**WHAT YOU HAVE TO DO**: Check each line below for "faces" and report how many have it, nothing else.

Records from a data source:
————

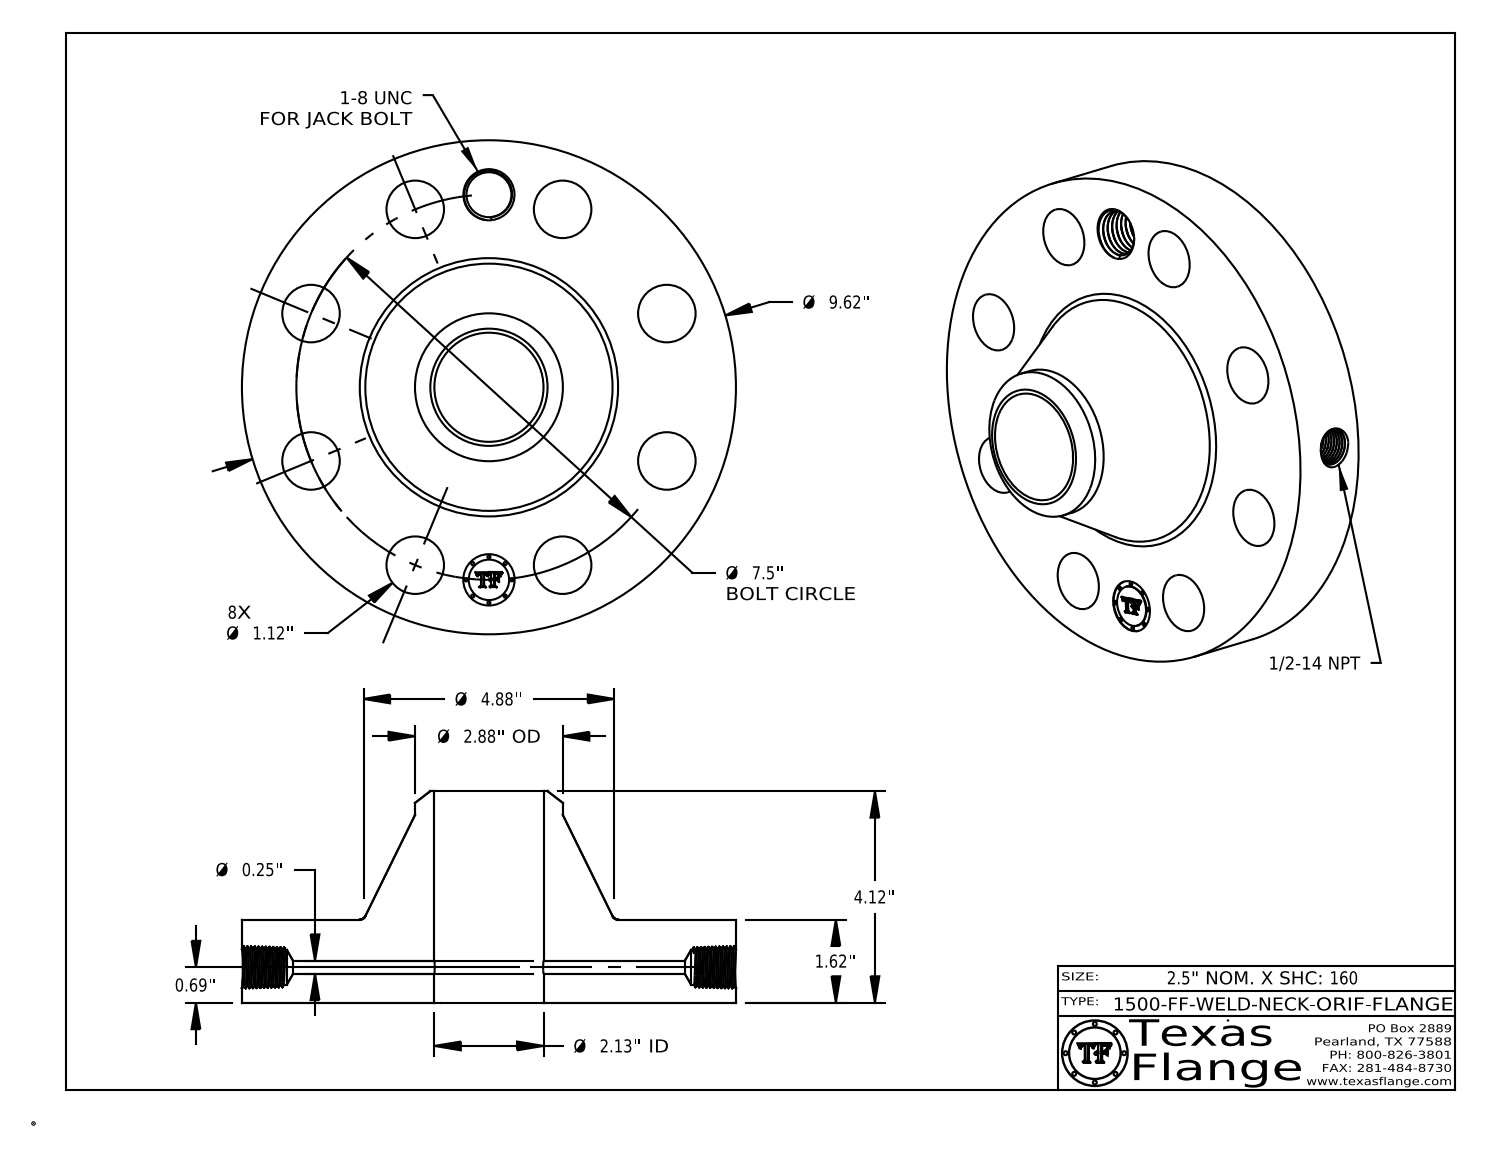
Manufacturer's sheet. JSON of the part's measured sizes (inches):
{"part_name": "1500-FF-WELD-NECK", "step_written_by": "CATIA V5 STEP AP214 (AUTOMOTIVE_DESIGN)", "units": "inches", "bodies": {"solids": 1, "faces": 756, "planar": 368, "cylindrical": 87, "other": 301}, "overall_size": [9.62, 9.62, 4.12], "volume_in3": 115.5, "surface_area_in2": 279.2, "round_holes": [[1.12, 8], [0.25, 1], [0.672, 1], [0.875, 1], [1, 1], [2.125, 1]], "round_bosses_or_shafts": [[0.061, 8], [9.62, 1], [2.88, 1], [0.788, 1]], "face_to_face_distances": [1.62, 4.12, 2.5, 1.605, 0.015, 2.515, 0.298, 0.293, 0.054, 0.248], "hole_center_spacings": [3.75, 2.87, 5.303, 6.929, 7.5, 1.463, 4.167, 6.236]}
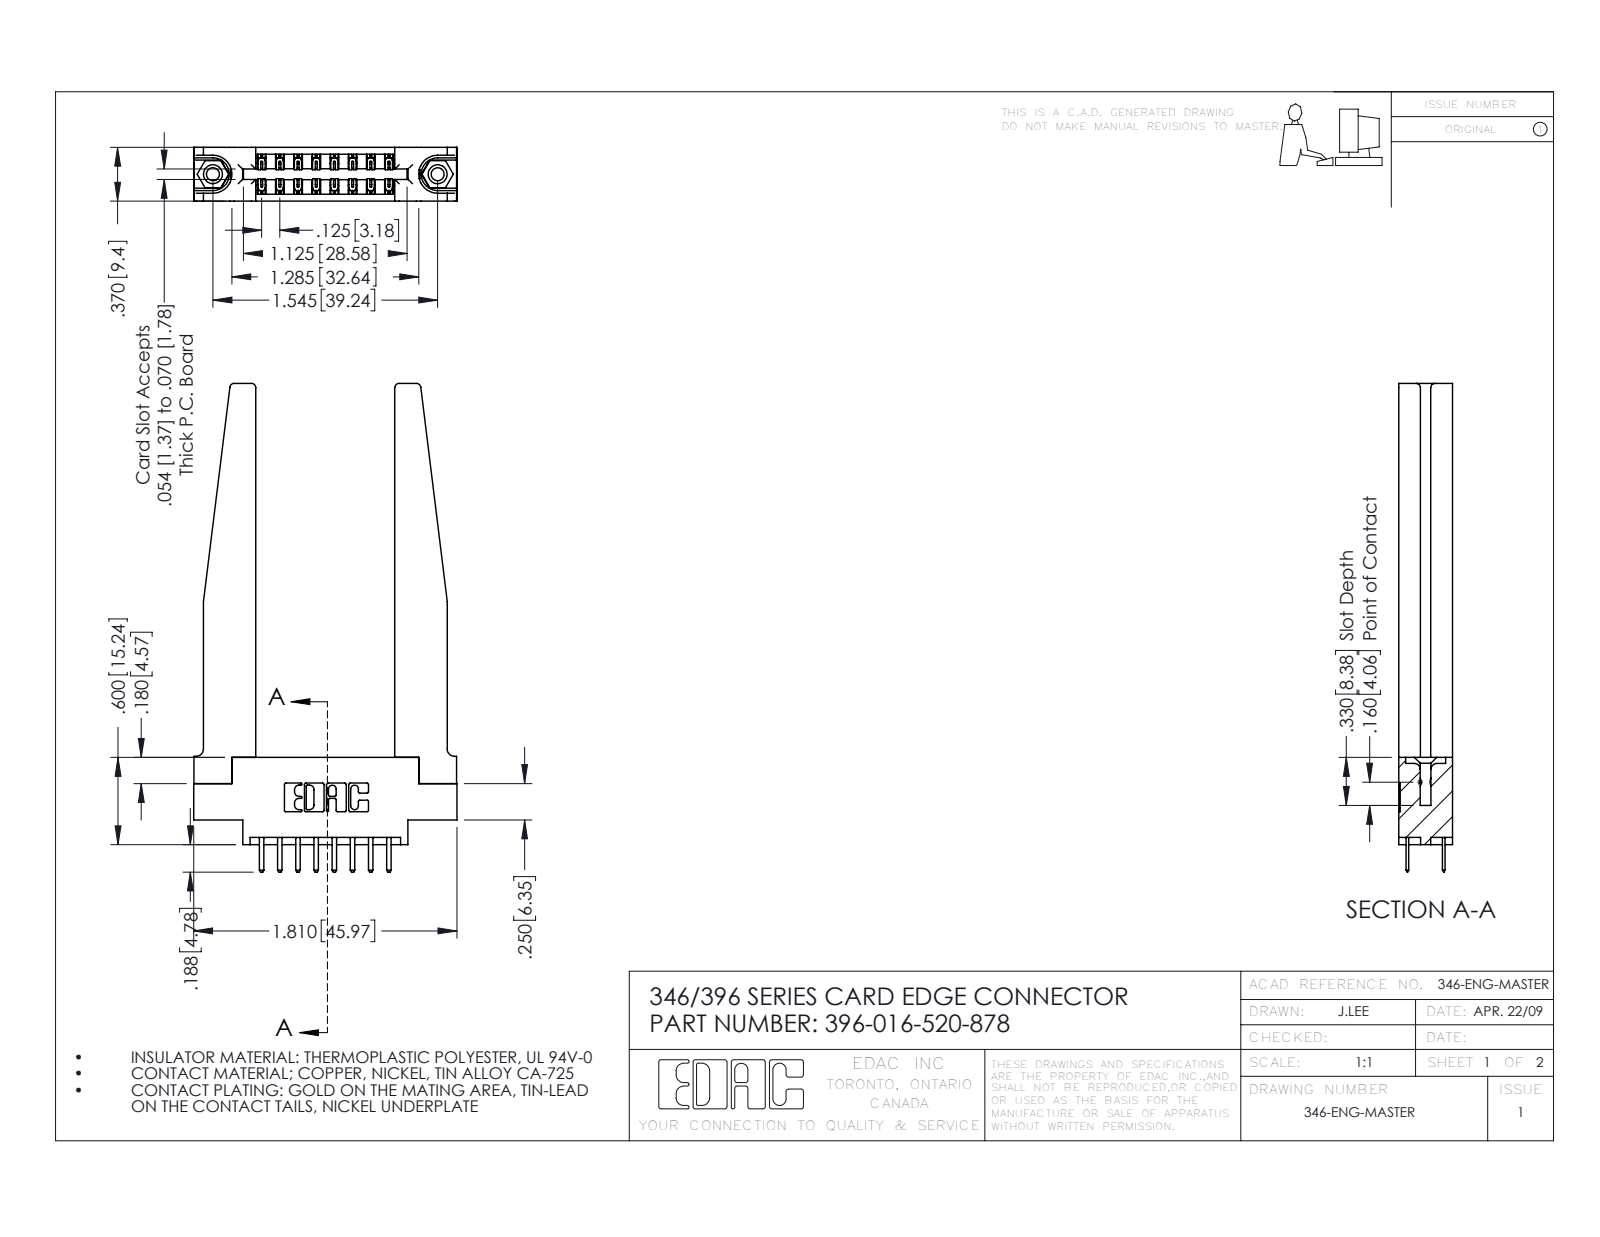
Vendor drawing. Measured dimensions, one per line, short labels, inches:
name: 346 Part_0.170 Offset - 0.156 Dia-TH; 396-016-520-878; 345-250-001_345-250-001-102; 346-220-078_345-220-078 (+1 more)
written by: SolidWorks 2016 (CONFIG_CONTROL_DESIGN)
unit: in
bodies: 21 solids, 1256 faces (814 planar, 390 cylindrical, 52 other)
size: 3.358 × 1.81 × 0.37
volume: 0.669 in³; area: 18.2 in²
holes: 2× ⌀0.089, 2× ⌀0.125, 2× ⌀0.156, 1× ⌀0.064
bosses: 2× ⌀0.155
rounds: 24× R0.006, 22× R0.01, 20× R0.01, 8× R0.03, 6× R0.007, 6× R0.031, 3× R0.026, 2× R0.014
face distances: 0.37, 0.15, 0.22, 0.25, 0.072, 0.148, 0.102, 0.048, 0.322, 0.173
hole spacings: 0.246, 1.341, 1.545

————

**ANSWER SECTION**: 2